Your rating is equal, I think you're doomed now. People will make an effort to keep it this way instead of a proper rating, at least that's how it goes on YouTube.

1720013

wait, this place is YouTube? Where be CaptainSarklez's channel? anyways, this is alright, not amazing, but I will be reading it.

1718722

sierra_seven_

Tragedy and comedy? Well, Trixie thinks it's hilarious... and Twilight doesn't.

That is the best reason for a set of tags I have ever seen.
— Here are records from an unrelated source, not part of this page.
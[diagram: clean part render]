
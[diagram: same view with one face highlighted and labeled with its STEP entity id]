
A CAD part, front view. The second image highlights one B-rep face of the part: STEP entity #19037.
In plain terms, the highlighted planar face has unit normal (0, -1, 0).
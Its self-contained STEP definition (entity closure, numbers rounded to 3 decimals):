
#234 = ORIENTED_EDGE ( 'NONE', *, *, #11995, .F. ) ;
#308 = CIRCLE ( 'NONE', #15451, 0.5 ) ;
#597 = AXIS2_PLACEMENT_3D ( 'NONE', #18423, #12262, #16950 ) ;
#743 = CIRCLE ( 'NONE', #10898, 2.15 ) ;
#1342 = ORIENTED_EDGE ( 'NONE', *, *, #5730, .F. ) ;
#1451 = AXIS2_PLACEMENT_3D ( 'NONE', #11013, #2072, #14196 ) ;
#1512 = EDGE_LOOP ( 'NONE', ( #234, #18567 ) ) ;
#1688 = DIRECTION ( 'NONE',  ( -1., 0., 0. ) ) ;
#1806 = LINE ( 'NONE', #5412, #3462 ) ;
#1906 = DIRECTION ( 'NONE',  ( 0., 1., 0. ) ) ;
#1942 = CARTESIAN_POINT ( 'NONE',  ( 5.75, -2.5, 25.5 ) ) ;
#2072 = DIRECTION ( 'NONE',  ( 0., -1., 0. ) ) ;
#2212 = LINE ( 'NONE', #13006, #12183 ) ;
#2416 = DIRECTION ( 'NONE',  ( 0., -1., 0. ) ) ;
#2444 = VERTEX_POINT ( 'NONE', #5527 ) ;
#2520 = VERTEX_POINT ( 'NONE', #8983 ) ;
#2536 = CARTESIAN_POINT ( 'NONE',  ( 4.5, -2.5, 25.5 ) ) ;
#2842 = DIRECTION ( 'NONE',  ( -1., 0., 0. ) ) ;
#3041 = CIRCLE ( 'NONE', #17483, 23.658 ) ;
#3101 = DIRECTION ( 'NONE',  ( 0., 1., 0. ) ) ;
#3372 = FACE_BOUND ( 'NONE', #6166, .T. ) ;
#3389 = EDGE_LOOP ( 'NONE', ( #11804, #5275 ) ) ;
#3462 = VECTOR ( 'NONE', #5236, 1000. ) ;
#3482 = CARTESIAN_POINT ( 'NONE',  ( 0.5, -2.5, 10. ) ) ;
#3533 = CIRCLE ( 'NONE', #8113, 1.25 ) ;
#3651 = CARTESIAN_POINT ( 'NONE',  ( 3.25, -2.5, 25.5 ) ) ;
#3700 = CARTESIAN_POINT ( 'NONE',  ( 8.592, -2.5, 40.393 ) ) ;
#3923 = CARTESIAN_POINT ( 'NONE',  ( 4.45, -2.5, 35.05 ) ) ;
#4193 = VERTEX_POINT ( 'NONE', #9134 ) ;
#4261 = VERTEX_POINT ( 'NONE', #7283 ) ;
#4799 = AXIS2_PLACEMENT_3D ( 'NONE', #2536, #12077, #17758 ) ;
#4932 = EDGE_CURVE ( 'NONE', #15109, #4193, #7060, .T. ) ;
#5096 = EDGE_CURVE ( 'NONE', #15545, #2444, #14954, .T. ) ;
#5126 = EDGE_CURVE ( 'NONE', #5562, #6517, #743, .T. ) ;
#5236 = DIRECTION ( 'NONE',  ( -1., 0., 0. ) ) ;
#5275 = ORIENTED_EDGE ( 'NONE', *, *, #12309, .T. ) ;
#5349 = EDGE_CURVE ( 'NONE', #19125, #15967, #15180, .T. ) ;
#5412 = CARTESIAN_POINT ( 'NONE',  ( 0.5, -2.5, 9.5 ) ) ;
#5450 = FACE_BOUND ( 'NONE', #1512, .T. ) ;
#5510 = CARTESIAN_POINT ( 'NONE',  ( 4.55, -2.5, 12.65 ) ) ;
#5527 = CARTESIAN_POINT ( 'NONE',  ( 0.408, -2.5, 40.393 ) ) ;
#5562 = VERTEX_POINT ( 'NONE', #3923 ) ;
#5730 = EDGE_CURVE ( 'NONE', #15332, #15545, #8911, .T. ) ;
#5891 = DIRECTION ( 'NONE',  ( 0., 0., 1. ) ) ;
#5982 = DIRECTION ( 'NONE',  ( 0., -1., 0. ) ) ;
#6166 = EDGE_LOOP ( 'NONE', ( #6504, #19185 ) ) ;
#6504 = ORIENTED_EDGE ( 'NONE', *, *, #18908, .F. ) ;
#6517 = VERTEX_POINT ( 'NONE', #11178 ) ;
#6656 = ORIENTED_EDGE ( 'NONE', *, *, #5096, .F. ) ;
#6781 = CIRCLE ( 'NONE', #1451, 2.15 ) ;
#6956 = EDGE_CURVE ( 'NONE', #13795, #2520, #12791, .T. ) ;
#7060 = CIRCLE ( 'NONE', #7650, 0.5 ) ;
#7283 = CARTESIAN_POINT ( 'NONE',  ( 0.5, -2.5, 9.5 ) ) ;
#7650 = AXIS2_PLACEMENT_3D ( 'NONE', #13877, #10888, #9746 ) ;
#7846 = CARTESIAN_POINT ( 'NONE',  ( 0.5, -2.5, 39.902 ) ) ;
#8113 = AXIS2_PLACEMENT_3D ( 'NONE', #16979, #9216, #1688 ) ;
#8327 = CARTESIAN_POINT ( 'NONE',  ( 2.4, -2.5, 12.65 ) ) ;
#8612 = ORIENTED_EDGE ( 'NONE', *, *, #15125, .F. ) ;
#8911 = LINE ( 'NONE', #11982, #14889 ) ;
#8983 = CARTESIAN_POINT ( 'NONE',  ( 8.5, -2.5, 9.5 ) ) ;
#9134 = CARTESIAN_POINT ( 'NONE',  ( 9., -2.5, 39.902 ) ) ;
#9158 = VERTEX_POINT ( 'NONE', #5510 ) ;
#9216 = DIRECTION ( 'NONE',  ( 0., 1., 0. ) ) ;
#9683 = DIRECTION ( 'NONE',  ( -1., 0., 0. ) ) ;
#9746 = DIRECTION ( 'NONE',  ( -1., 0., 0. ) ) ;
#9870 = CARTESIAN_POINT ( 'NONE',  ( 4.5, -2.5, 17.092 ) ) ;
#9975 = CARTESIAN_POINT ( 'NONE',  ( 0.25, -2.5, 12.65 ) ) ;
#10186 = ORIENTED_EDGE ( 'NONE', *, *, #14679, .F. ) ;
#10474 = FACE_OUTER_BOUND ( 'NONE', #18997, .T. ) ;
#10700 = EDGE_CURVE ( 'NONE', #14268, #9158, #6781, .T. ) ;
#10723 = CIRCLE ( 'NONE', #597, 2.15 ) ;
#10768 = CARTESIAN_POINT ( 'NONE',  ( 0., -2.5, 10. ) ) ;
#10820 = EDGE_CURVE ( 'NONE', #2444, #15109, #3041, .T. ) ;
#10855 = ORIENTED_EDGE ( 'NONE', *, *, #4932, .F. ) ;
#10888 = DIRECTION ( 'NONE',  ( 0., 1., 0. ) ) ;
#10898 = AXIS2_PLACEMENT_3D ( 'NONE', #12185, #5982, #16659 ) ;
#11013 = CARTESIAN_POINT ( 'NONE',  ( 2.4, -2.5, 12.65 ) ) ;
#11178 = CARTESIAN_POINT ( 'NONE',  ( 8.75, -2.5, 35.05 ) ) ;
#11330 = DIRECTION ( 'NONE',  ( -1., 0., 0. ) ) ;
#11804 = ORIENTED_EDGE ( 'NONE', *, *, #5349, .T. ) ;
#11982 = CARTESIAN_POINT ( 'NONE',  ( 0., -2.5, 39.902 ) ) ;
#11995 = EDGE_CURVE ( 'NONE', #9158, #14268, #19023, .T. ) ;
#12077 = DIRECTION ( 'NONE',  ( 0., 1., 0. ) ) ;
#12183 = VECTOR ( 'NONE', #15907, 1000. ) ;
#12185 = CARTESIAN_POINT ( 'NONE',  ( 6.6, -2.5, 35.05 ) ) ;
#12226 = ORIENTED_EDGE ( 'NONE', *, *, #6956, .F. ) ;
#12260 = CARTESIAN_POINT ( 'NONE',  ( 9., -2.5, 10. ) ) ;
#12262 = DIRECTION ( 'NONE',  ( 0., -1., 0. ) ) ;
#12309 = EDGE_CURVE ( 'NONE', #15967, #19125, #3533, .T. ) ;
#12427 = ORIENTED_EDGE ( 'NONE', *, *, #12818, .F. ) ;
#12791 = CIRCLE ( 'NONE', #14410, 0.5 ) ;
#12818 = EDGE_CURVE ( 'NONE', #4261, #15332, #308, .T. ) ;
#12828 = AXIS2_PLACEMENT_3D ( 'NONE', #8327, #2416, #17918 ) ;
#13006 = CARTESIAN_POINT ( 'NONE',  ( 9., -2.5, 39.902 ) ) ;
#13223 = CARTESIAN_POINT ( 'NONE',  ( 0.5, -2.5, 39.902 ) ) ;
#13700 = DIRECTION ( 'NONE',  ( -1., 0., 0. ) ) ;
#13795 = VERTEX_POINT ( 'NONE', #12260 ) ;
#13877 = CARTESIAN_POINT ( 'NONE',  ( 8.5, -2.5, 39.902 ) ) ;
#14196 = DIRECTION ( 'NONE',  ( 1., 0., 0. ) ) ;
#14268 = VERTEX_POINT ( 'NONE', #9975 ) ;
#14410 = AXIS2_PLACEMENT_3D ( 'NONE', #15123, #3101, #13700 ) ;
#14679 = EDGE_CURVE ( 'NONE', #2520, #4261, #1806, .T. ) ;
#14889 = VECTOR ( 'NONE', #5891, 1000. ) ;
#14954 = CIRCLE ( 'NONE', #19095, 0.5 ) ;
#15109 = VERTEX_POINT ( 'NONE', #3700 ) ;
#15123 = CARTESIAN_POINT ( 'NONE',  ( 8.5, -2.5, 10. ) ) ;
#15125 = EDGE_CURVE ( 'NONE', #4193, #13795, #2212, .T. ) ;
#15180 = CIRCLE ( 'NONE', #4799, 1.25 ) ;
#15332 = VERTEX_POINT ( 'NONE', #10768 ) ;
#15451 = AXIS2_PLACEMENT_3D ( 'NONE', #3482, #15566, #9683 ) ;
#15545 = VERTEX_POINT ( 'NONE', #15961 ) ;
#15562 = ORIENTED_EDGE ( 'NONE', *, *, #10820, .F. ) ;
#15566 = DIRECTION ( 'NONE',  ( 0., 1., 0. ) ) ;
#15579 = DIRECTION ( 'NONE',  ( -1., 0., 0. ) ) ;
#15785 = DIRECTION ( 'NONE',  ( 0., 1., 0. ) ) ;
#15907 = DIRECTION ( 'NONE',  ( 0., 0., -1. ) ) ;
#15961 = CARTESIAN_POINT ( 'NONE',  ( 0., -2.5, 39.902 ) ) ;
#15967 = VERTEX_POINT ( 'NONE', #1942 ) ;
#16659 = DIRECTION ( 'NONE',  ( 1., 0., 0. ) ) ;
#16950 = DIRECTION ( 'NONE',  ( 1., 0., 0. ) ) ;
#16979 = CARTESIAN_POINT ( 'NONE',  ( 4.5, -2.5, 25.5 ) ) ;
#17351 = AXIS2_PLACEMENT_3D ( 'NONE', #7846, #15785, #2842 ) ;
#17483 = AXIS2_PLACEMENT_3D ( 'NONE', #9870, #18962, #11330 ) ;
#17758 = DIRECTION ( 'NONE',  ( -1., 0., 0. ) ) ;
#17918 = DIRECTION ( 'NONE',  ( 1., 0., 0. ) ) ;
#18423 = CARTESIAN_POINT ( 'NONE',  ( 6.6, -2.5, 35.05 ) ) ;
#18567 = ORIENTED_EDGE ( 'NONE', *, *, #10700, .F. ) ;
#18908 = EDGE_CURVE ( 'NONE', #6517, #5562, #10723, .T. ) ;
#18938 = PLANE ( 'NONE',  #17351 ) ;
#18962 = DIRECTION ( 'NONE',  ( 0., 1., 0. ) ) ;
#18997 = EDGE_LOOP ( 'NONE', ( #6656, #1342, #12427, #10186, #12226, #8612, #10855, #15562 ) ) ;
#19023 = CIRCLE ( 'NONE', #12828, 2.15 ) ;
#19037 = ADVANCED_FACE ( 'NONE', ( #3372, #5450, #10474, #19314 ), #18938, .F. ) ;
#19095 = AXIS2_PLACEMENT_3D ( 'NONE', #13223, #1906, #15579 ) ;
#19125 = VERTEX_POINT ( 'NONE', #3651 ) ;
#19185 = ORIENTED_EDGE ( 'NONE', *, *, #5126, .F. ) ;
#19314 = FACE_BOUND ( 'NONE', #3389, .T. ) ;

I have to agree, if Trixie thinks something is hilarious, it must be. :trixieshiftright:

I would have liked to see what happened to Celestia, Luna and Cadance. Along with Rainbow Dash's crimes. Since Twilight said 'her victims'.

Its a good story with 2 good messages.
1) Attention to detail is important. "you'll be able to pull this 10 miles tomorrow"...Trixie sets 'em up and knocks 'em down.
2) If you mess with the bull, you're gonna get the horns. :trixieshiftleft:

1835854

Thank you! You may be interested in Madame Butterfly, which is an unfinished story of mine also heavily featuring Trixie.

JoE

1835885

JonOfEquestria

I put it on my 'read it later' list a while ago. :pinkiehappy:

Chillingly effective, with tantalizing sequel and prequel hooks.

2377583

Thank you! That's exactly the feel I was going for.